§ PROBLEM DESCRIPTION
In the copy, include no pictures. Reproduce the rest of the entries exactly.

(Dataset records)
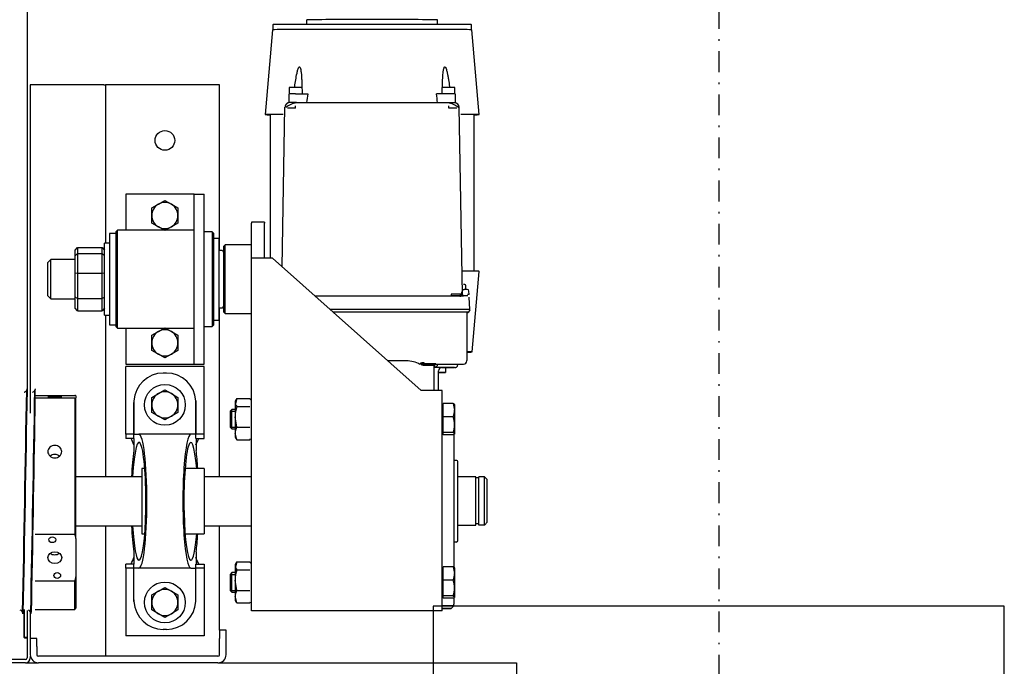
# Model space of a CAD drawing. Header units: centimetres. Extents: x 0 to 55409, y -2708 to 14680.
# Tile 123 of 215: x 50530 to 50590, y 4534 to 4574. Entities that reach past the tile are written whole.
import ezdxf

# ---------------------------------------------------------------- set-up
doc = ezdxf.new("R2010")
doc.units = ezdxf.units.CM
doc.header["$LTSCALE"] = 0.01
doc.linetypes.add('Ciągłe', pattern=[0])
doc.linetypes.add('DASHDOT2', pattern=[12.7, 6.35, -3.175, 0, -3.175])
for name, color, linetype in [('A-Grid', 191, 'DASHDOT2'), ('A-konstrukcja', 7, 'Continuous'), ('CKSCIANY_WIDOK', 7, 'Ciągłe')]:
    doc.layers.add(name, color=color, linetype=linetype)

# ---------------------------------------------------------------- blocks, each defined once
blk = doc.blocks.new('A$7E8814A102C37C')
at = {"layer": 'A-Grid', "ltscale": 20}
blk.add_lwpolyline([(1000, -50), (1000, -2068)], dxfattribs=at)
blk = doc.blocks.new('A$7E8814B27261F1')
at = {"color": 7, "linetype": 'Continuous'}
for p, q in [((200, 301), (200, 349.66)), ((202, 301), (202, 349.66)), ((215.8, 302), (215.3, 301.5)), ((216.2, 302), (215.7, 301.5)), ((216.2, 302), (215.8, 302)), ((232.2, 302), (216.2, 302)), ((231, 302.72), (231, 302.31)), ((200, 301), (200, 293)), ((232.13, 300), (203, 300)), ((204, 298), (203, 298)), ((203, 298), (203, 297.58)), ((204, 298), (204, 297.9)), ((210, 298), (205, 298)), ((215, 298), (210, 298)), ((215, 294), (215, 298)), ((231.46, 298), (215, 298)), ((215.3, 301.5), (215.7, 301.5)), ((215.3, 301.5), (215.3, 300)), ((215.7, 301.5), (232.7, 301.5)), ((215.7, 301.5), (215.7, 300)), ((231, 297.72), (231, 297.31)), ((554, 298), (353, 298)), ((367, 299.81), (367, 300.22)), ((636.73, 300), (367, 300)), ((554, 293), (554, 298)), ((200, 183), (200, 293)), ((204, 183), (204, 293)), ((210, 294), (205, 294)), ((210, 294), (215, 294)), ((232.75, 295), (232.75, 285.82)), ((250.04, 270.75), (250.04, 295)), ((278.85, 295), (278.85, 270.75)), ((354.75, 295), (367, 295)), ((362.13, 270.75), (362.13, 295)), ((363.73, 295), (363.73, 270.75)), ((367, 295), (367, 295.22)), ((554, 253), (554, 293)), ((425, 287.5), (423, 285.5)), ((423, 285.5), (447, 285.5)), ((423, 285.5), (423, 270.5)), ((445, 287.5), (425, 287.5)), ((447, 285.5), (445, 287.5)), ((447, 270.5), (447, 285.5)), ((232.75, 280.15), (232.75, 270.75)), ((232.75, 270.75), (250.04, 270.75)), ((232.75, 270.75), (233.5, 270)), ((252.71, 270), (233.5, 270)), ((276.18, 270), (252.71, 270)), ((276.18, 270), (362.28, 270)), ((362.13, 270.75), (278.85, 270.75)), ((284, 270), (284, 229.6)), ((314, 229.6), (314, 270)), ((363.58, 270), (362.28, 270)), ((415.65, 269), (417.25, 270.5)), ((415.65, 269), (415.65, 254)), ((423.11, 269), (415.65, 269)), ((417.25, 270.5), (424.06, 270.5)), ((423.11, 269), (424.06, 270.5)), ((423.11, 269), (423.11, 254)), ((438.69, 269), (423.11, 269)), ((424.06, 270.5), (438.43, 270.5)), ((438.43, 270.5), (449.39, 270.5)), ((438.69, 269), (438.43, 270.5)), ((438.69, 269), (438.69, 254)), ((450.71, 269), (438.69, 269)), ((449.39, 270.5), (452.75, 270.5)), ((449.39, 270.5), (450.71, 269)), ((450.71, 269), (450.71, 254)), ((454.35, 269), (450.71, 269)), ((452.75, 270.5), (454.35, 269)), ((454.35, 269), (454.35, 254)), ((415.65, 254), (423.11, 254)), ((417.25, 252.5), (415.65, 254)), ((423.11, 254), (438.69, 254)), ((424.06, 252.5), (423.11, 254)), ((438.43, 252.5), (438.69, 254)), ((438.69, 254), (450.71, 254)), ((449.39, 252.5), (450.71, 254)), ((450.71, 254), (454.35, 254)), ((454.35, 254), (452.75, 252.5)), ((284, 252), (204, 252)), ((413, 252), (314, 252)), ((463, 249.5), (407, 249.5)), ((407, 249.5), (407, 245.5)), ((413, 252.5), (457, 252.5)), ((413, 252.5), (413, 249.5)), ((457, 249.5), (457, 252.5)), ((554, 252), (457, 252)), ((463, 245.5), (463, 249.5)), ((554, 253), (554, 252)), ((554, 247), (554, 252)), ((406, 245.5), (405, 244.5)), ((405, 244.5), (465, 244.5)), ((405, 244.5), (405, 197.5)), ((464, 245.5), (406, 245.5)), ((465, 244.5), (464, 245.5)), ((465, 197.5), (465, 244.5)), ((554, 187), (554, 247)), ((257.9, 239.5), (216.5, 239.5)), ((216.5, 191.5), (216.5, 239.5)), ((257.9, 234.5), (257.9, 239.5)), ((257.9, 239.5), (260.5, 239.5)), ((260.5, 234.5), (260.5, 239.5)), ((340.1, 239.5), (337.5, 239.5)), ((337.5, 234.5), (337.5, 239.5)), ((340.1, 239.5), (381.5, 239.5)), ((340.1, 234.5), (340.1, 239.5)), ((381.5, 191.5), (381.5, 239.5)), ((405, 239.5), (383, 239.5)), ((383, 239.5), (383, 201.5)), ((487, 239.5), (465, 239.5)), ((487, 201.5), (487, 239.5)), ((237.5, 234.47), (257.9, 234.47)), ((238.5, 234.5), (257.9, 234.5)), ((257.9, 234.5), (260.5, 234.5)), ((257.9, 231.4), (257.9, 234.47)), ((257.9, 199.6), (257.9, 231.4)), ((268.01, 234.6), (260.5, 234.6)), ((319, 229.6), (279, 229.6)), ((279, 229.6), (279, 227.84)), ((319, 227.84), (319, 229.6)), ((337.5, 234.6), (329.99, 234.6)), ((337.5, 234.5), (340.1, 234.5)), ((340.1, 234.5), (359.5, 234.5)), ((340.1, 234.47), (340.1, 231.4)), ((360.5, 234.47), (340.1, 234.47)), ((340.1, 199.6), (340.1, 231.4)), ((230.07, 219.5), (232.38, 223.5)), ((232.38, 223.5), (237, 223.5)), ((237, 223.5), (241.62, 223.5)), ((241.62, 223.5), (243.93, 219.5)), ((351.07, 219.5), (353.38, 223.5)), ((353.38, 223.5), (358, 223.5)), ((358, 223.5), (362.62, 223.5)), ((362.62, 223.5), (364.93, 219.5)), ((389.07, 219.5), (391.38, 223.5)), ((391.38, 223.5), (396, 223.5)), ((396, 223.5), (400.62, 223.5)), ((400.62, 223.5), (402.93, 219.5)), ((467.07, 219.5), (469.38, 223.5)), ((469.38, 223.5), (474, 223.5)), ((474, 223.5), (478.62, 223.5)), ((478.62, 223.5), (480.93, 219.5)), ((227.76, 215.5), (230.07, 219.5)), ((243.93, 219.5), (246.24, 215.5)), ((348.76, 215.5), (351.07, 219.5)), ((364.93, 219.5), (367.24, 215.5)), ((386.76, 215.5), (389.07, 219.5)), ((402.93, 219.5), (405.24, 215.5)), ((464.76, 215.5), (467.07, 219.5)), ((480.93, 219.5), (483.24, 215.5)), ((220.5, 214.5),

§ OUTPUT FOR THIS TASK
# Model space of a CAD drawing. Header units: centimetres. Extents: x 0 to 55409, y -2708 to 14680.
# Tile 123 of 215: x 50530 to 50590, y 4534 to 4574. Entities that reach past the tile are written whole.
import ezdxf

# ---------------------------------------------------------------- set-up
doc = ezdxf.new("R2010")
doc.units = ezdxf.units.CM
doc.header["$LTSCALE"] = 0.01
doc.linetypes.add('Ciągłe', pattern=[0])
doc.linetypes.add('DASHDOT2', pattern=[12.7, 6.35, -3.175, 0, -3.175])
for name, color, linetype in [('A-Grid', 191, 'DASHDOT2'), ('A-konstrukcja', 7, 'Continuous'), ('CKSCIANY_WIDOK', 7, 'Ciągłe')]:
    doc.layers.add(name, color=color, linetype=linetype)

# ---------------------------------------------------------------- blocks, each defined once
blk = doc.blocks.new('A$7E8814A102C37C')
at = {"layer": 'A-Grid', "ltscale": 20}
blk.add_lwpolyline([(1000, -50), (1000, -2068)], dxfattribs=at)
blk = doc.blocks.new('A$7E8814B27261F1')
at = {"color": 7, "linetype": 'Continuous'}
for p, q in [((200, 301), (200, 349.66)), ((202, 301), (202, 349.66)), ((215.8, 302), (215.3, 301.5)), ((216.2, 302), (215.7, 301.5)), ((216.2, 302), (215.8, 302)), ((232.2, 302), (216.2, 302)), ((231, 302.72), (231, 302.31)), ((200, 301), (200, 293)), ((232.13, 300), (203, 300)), ((204, 298), (203, 298)), ((203, 298), (203, 297.58)), ((204, 298), (204, 297.9)), ((210, 298), (205, 298)), ((215, 298), (210, 298)), ((215, 294), (215, 298)), ((231.46, 298), (215, 298)), ((215.3, 301.5), (215.7, 301.5)), ((215.3, 301.5), (215.3, 300)), ((215.7, 301.5), (232.7, 301.5)), ((215.7, 301.5), (215.7, 300)), ((231, 297.72), (231, 297.31)), ((554, 298), (353, 298)), ((367, 299.81), (367, 300.22)), ((636.73, 300), (367, 300)), ((554, 293), (554, 298)), ((200, 183), (200, 293)), ((204, 183), (204, 293)), ((210, 294), (205, 294)), ((210, 294), (215, 294)), ((232.75, 295), (232.75, 285.82)), ((250.04, 270.75), (250.04, 295)), ((278.85, 295), (278.85, 270.75)), ((354.75, 295), (367, 295)), ((362.13, 270.75), (362.13, 295)), ((363.73, 295), (363.73, 270.75)), ((367, 295), (367, 295.22)), ((554, 253), (554, 293)), ((425, 287.5), (423, 285.5)), ((423, 285.5), (447, 285.5)), ((423, 285.5), (423, 270.5)), ((445, 287.5), (425, 287.5)), ((447, 285.5), (445, 287.5)), ((447, 270.5), (447, 285.5)), ((232.75, 280.15), (232.75, 270.75)), ((232.75, 270.75), (250.04, 270.75)), ((232.75, 270.75), (233.5, 270)), ((252.71, 270), (233.5, 270)), ((276.18, 270), (252.71, 270)), ((276.18, 270), (362.28, 270)), ((362.13, 270.75), (278.85, 270.75)), ((284, 270), (284, 229.6)), ((314, 229.6), (314, 270)), ((363.58, 270), (362.28, 270)), ((415.65, 269), (417.25, 270.5)), ((415.65, 269), (415.65, 254)), ((423.11, 269), (415.65, 269)), ((417.25, 270.5), (424.06, 270.5)), ((423.11, 269), (424.06, 270.5)), ((423.11, 269), (423.11, 254)), ((438.69, 269), (423.11, 269)), ((424.06, 270.5), (438.43, 270.5)), ((438.43, 270.5), (449.39, 270.5)), ((438.69, 269), (438.43, 270.5)), ((438.69, 269), (438.69, 254)), ((450.71, 269), (438.69, 269)), ((449.39, 270.5), (452.75, 270.5)), ((449.39, 270.5), (450.71, 269)), ((450.71, 269), (450.71, 254)), ((454.35, 269), (450.71, 269)), ((452.75, 270.5), (454.35, 269)), ((454.35, 269), (454.35, 254)), ((415.65, 254), (423.11, 254)), ((417.25, 252.5), (415.65, 254)), ((423.11, 254), (438.69, 254)), ((424.06, 252.5), (423.11, 254)), ((438.43, 252.5), (438.69, 254)), ((438.69, 254), (450.71, 254)), ((449.39, 252.5), (450.71, 254)), ((450.71, 254), (454.35, 254)), ((454.35, 254), (452.75, 252.5)), ((284, 252), (204, 252)), ((413, 252), (314, 252)), ((463, 249.5), (407, 249.5)), ((407, 249.5), (407, 245.5)), ((413, 252.5), (457, 252.5)), ((413, 252.5), (413, 249.5)), ((457, 249.5), (457, 252.5)), ((554, 252), (457, 252)), ((463, 245.5), (463, 249.5)), ((554, 253), (554, 252)), ((554, 247), (554, 252)), ((406, 245.5), (405, 244.5)), ((405, 244.5), (465, 244.5)), ((405, 244.5), (405, 197.5)), ((464, 245.5), (406, 245.5)), ((465, 244.5), (464, 245.5)), ((465, 197.5), (465, 244.5)), ((554, 187), (554, 247)), ((257.9, 239.5), (216.5, 239.5)), ((216.5, 191.5), (216.5, 239.5)), ((257.9, 234.5), (257.9, 239.5)), ((257.9, 239.5), (260.5, 239.5)), ((260.5, 234.5), (260.5, 239.5)), ((340.1, 239.5), (337.5, 239.5)), ((337.5, 234.5), (337.5, 239.5)), ((340.1, 239.5), (381.5, 239.5)), ((340.1, 234.5), (340.1, 239.5)), ((381.5, 191.5), (381.5, 239.5)), ((405, 239.5), (383, 239.5)), ((383, 239.5), (383, 201.5)), ((487, 239.5), (465, 239.5)), ((487, 201.5), (487, 239.5)), ((237.5, 234.47), (257.9, 234.47)), ((238.5, 234.5), (257.9, 234.5)), ((257.9, 234.5), (260.5, 234.5)), ((257.9, 231.4), (257.9, 234.47)), ((257.9, 199.6), (257.9, 231.4)), ((268.01, 234.6), (260.5, 234.6)), ((319, 229.6), (279, 229.6)), ((279, 229.6), (279, 227.84)), ((319, 227.84), (319, 229.6)), ((337.5, 234.6), (329.99, 234.6)), ((337.5, 234.5), (340.1, 234.5)), ((340.1, 234.5), (359.5, 234.5)), ((340.1, 234.47), (340.1, 231.4)), ((360.5, 234.47), (340.1, 234.47)), ((340.1, 199.6), (340.1, 231.4)), ((230.07, 219.5), (232.38, 223.5)), ((232.38, 223.5), (237, 223.5)), ((237, 223.5), (241.62, 223.5)), ((241.62, 223.5), (243.93, 219.5)), ((351.07, 219.5), (353.38, 223.5)), ((353.38, 223.5), (358, 223.5)), ((358, 223.5), (362.62, 223.5)), ((362.62, 223.5), (364.93, 219.5)), ((389.07, 219.5), (391.38, 223.5)), ((391.38, 223.5), (396, 223.5)), ((396, 223.5), (400.62, 223.5)), ((400.62, 223.5), (402.93, 219.5)), ((467.07, 219.5), (469.38, 223.5)), ((469.38, 223.5), (474, 223.5)), ((474, 223.5), (478.62, 223.5)), ((478.62, 223.5), (480.93, 219.5)), ((227.76, 215.5), (230.07, 219.5)), ((243.93, 219.5), (246.24, 215.5)), ((348.76, 215.5), (351.07, 219.5)), ((364.93, 219.5), (367.24, 215.5)), ((386.76, 215.5), (389.07, 219.5)), ((402.93, 219.5), (405.24, 215.5)), ((464.76, 215.5), (467.07, 219.5)), ((480.93, 219.5), (483.24, 215.5)), ((220.5, 214.5),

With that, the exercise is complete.